Activity: Starting at the top of the records below, write out each line exactly as it stands, stopping after the line with "import ezdxf"; exclude the pictures.

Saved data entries

= Beginning of Section =

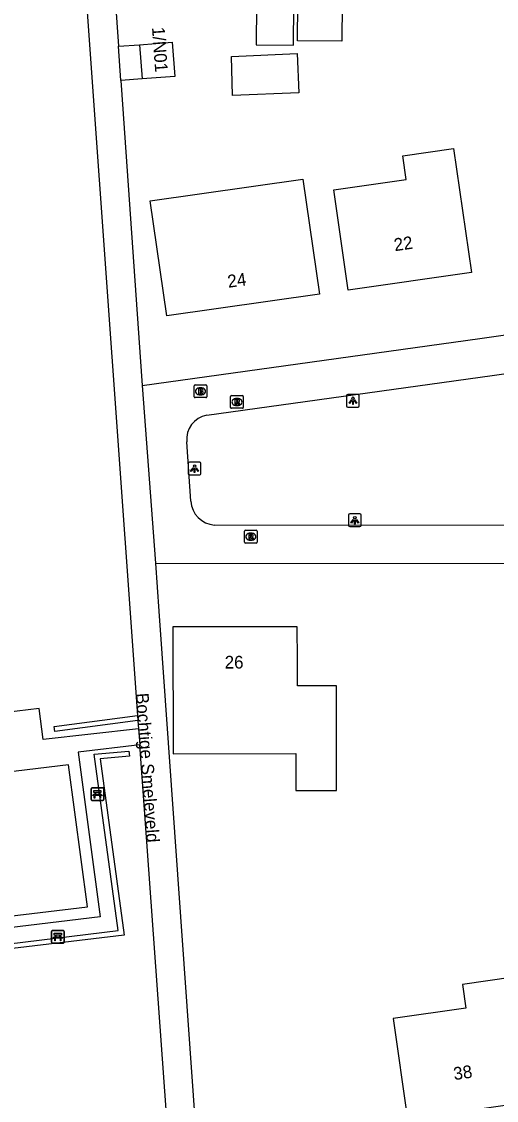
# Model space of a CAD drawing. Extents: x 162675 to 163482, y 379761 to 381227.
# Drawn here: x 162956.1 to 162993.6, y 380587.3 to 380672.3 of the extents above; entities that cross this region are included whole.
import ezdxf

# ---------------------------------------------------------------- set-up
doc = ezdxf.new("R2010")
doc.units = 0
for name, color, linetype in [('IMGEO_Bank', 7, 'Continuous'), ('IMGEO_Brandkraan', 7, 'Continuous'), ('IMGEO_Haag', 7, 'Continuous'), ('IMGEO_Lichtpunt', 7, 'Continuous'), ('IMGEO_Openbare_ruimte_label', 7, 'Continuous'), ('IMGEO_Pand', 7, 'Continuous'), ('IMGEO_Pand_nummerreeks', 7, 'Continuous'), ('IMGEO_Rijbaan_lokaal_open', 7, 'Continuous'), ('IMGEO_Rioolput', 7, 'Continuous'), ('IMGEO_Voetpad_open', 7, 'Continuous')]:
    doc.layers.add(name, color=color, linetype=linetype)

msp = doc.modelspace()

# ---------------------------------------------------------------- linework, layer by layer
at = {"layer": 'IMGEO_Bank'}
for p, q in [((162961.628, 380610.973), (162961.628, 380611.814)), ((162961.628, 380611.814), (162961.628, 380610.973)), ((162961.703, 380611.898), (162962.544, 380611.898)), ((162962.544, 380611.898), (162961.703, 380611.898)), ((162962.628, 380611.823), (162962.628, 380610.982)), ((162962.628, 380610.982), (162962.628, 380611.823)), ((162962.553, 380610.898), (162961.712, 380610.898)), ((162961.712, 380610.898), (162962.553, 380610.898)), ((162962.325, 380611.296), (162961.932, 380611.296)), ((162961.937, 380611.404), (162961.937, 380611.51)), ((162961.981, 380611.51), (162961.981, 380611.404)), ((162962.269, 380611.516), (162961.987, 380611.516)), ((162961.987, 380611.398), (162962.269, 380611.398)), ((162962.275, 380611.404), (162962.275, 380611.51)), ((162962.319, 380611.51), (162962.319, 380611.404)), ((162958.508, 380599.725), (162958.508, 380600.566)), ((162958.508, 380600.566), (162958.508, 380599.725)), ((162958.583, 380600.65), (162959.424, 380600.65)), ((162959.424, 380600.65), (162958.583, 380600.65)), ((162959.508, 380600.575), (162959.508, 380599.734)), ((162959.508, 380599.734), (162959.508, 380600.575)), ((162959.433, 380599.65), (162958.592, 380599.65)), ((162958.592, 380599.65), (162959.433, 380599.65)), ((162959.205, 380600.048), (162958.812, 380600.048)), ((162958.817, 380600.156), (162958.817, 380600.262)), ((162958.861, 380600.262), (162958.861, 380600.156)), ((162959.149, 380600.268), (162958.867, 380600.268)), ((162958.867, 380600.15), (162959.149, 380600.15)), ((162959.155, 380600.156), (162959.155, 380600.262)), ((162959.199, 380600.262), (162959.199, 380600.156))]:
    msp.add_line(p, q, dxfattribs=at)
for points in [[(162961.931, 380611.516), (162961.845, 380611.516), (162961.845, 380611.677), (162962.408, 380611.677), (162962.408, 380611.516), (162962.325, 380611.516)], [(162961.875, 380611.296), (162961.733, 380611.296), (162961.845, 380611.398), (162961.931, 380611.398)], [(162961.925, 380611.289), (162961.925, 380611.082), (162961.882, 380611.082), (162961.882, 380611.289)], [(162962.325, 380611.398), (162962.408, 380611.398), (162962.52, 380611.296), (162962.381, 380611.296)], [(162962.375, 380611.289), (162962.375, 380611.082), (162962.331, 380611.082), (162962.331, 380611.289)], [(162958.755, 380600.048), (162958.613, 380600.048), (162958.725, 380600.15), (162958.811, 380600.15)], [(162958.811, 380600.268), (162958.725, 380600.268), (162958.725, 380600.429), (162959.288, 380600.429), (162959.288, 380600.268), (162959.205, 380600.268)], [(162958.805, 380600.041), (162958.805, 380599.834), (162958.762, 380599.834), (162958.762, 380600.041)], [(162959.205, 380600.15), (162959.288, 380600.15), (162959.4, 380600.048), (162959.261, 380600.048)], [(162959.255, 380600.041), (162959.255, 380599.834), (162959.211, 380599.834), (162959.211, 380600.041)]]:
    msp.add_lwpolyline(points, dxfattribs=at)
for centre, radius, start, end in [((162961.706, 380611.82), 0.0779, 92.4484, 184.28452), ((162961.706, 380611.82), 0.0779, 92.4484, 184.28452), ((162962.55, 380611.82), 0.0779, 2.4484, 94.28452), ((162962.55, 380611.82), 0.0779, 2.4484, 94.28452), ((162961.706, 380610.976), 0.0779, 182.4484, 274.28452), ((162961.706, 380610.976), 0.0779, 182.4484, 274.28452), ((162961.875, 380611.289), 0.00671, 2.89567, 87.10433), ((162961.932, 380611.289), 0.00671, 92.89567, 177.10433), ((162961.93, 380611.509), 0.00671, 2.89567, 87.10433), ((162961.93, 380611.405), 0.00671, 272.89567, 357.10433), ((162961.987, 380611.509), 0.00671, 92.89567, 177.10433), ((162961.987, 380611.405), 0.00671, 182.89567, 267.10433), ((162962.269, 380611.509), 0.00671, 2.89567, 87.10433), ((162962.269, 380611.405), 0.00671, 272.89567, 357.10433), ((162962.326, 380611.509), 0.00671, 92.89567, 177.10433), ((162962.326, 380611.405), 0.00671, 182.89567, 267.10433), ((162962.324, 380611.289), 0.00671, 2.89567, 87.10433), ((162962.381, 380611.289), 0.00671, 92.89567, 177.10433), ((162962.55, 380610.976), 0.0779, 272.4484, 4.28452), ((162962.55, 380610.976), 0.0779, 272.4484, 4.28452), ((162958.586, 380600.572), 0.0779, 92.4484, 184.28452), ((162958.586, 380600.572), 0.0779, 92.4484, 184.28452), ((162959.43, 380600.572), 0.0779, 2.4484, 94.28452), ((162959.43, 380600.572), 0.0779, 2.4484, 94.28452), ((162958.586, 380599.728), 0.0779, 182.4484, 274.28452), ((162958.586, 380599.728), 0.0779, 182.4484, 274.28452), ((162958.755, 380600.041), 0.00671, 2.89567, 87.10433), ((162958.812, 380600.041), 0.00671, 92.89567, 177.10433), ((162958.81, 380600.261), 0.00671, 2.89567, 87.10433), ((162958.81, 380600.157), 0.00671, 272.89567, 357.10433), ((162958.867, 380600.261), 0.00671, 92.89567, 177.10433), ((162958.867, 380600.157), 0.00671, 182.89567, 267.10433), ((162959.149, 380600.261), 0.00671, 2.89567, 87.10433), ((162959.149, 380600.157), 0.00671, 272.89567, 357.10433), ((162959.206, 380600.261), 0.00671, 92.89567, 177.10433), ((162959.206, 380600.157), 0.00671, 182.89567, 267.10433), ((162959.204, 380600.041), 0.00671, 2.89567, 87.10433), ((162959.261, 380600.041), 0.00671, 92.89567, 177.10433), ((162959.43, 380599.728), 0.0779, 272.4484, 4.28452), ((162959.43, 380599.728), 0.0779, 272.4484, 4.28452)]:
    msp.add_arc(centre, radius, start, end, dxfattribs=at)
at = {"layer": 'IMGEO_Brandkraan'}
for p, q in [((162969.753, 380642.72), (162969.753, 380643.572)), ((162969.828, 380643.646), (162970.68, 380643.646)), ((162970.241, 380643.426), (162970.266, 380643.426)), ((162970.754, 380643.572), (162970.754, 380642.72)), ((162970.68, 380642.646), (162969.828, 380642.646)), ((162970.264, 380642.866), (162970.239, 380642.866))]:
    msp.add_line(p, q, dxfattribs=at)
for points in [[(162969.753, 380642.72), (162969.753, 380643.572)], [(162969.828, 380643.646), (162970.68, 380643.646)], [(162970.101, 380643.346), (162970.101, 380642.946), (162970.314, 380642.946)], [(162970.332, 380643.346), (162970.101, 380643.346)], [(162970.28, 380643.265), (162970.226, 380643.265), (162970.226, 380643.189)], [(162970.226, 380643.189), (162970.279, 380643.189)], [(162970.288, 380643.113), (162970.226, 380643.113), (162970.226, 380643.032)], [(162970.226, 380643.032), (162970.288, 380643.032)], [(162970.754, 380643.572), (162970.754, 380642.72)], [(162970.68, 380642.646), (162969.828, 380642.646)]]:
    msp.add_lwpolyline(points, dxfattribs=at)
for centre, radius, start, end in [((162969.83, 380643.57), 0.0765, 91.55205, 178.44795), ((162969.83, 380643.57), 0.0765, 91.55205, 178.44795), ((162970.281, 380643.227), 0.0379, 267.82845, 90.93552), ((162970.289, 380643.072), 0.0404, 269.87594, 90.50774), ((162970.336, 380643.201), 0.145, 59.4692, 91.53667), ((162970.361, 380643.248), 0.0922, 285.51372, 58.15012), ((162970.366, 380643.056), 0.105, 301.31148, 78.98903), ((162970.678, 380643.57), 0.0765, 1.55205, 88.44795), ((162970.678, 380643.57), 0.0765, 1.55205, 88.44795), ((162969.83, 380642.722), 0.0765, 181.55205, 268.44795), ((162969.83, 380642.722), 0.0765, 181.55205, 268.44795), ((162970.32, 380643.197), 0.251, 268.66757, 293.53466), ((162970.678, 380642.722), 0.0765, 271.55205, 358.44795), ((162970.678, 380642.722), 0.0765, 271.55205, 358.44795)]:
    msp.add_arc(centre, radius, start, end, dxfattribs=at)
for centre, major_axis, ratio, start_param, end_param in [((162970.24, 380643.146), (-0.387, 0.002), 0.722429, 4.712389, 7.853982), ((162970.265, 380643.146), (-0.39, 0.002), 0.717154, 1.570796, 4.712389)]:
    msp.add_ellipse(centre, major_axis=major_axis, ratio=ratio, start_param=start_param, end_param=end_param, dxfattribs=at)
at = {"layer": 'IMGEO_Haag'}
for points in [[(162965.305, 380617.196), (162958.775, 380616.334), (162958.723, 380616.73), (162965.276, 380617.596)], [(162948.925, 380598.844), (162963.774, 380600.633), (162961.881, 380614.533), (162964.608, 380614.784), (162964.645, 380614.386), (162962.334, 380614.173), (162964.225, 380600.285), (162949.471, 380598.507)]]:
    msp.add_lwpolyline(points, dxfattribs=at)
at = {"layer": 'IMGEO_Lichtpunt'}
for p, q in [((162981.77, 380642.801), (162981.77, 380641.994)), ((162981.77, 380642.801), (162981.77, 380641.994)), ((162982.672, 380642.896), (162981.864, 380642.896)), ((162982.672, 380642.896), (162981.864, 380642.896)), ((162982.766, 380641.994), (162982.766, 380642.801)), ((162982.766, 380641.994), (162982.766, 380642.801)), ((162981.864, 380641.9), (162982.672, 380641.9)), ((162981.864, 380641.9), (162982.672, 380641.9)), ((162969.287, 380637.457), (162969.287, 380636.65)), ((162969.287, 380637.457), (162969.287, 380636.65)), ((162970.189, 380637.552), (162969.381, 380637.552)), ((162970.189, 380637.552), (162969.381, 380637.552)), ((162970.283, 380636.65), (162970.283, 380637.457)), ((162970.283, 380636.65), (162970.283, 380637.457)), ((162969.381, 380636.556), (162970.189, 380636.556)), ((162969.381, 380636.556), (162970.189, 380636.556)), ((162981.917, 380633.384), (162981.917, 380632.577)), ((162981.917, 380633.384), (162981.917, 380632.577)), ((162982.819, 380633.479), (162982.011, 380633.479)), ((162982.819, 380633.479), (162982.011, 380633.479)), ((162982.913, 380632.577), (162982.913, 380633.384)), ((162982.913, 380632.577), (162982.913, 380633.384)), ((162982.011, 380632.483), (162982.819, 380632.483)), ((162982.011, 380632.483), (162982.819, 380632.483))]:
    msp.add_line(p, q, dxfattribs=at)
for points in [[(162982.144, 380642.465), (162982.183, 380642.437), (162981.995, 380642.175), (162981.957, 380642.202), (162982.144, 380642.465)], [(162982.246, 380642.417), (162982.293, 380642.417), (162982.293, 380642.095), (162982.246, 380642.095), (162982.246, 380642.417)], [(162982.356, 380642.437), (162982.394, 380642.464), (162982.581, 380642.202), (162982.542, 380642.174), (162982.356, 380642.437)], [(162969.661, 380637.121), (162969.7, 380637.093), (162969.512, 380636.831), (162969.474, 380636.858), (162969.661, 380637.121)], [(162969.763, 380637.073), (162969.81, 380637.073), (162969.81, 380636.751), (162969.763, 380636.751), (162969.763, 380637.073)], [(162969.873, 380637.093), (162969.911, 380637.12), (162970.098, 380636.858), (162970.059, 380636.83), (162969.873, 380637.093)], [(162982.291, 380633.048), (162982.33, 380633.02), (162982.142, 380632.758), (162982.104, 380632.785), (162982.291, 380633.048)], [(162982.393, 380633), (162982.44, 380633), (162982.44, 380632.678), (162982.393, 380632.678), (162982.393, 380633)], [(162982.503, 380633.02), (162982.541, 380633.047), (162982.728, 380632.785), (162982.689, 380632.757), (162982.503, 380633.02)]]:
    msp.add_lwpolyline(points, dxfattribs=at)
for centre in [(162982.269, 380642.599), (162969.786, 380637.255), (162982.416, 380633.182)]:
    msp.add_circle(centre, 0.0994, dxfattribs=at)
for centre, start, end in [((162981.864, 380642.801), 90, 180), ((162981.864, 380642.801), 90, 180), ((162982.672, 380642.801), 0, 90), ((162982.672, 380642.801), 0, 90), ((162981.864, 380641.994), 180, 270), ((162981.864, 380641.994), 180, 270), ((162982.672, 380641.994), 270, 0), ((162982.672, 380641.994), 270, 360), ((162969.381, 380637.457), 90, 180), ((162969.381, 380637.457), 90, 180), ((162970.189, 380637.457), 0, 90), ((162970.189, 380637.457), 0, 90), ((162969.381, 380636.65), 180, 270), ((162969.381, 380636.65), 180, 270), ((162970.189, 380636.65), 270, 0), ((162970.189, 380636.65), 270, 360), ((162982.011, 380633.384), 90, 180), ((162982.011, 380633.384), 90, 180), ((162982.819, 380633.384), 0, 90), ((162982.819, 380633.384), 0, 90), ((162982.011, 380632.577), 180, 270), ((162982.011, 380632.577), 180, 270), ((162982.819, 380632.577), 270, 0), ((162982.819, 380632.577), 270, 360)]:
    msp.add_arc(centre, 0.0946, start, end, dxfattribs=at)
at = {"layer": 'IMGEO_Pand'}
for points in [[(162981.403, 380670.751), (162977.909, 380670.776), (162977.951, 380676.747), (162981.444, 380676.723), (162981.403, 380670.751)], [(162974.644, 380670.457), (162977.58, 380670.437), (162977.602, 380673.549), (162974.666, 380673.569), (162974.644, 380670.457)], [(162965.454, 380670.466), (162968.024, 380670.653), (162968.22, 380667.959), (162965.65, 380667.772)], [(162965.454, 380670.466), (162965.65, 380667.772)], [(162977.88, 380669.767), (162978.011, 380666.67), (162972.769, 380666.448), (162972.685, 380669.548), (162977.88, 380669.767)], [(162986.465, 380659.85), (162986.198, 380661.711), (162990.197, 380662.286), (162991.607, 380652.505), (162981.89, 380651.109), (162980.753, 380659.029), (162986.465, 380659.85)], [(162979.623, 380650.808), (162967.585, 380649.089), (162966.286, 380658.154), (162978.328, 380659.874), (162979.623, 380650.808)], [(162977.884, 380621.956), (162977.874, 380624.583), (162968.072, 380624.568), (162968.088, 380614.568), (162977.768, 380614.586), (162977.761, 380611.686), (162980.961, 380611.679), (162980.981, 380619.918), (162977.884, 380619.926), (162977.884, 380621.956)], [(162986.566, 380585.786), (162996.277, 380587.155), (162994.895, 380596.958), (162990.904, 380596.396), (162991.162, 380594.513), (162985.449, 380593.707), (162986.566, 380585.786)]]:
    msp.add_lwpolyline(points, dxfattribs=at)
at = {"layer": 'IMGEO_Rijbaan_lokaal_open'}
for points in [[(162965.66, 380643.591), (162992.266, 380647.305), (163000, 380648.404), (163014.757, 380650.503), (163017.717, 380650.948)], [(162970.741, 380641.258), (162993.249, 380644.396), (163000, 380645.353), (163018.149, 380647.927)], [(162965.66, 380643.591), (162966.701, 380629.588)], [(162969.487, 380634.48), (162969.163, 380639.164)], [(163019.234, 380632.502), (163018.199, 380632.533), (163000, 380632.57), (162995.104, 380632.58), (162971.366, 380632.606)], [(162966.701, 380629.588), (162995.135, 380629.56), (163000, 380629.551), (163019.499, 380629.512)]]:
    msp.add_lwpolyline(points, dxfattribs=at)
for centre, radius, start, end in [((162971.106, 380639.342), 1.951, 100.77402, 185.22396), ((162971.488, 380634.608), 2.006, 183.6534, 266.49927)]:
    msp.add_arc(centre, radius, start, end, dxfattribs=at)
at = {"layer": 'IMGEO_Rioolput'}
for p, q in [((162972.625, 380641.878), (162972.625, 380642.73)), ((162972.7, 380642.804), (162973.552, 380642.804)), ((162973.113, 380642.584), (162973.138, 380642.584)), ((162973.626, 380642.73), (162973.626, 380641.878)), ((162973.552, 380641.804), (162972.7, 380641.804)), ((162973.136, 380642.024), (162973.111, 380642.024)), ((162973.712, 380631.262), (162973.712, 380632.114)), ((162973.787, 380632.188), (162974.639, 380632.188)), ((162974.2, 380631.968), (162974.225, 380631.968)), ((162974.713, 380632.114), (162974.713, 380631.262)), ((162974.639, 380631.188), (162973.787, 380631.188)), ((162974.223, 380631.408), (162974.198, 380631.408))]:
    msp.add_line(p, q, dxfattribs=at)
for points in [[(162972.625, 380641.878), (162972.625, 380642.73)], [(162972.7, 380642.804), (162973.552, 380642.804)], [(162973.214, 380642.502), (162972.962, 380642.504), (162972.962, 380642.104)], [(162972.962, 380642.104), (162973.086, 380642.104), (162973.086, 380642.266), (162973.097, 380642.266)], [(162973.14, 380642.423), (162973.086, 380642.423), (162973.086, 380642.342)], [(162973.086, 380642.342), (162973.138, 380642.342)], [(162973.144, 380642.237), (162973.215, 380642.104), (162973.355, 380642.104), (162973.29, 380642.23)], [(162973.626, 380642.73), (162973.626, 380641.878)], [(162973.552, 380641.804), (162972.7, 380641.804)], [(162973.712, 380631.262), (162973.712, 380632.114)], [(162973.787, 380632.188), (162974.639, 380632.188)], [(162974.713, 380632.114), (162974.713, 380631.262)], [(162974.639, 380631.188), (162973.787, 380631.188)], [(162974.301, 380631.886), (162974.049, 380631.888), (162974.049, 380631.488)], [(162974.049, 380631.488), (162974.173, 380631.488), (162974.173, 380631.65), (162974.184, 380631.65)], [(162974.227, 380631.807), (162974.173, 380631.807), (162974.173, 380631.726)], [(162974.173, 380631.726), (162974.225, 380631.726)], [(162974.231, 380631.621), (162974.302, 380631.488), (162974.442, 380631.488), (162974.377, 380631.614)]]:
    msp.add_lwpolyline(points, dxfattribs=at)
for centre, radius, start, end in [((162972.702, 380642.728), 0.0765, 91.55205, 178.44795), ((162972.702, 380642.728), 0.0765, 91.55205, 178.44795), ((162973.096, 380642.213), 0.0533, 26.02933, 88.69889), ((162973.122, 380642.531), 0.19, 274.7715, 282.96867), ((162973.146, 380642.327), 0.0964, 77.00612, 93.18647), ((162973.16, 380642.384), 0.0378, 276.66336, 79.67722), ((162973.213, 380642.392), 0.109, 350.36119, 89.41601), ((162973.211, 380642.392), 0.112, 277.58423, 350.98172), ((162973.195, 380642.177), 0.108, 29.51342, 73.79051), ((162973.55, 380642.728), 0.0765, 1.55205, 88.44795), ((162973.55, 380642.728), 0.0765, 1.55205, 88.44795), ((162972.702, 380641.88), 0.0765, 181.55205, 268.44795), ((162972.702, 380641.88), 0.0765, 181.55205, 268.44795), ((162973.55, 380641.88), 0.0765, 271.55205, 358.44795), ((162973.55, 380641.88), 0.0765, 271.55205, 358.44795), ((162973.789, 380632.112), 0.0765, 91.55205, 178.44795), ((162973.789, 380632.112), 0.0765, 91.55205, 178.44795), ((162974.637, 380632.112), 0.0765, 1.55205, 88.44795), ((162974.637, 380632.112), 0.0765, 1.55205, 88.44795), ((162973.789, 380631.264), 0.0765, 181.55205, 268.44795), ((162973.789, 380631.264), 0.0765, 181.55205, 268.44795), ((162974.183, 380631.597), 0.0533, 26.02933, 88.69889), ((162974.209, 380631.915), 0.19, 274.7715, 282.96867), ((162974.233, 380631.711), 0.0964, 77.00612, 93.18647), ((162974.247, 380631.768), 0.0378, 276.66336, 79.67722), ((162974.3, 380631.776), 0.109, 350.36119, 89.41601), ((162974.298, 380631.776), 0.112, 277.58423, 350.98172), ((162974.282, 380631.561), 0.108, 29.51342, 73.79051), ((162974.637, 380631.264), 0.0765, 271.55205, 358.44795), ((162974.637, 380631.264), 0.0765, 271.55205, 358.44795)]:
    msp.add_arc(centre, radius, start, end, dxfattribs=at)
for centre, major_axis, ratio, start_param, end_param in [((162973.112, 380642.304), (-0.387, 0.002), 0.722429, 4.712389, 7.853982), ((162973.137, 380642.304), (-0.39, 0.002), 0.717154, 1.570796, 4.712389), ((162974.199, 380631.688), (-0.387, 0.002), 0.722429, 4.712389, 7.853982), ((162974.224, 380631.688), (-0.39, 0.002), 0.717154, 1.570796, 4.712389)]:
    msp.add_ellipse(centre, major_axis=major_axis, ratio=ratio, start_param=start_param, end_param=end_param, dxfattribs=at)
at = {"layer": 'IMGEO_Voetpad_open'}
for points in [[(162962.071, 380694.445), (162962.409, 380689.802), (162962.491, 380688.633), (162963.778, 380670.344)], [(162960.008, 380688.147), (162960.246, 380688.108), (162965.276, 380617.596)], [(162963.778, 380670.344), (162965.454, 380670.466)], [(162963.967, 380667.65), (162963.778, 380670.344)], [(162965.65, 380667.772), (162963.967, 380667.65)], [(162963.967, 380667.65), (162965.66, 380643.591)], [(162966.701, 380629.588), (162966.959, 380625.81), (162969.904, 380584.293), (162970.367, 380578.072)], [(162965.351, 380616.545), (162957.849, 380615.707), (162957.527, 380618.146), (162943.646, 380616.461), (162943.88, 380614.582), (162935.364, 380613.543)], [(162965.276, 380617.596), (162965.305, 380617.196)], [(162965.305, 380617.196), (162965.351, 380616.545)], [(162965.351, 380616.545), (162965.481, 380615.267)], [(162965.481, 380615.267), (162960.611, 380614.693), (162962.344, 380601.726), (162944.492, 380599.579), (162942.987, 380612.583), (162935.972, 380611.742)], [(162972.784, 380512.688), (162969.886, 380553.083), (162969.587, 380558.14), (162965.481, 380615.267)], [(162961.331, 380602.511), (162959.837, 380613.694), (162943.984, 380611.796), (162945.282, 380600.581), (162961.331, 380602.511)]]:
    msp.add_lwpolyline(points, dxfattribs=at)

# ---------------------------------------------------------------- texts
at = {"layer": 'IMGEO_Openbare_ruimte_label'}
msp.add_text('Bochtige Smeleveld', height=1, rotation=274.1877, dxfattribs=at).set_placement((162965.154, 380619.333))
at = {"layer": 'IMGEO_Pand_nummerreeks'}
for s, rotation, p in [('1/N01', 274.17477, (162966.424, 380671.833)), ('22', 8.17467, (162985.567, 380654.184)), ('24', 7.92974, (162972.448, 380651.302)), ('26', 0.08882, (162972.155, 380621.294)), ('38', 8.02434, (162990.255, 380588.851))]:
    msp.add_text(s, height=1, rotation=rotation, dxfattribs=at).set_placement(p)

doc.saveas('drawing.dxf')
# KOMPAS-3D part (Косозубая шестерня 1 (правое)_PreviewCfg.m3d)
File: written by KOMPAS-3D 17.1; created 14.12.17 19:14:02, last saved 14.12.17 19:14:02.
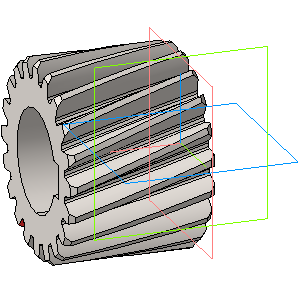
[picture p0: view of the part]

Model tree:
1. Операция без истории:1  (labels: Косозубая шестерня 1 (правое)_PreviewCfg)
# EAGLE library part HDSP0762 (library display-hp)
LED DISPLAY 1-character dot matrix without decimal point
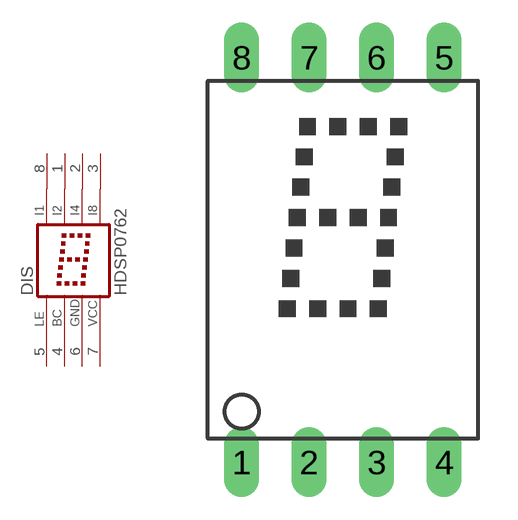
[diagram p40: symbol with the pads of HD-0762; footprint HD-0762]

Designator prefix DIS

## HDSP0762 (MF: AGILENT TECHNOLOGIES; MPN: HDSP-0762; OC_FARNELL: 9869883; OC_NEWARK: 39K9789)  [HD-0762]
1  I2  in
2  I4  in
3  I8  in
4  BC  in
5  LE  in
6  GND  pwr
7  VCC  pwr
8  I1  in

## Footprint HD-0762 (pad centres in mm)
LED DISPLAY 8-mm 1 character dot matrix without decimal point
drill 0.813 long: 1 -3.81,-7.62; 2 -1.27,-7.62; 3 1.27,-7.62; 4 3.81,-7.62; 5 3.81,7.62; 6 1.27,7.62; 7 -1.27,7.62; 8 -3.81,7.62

= End of Section =

Answer box:
# Model space of a CAD drawing. Extents: x 162675 to 163482, y 379761 to 381227.
# Drawn here: x 162956.1 to 162993.6, y 380587.3 to 380672.3 of the extents above; entities that cross this region are included whole.
import ezdxf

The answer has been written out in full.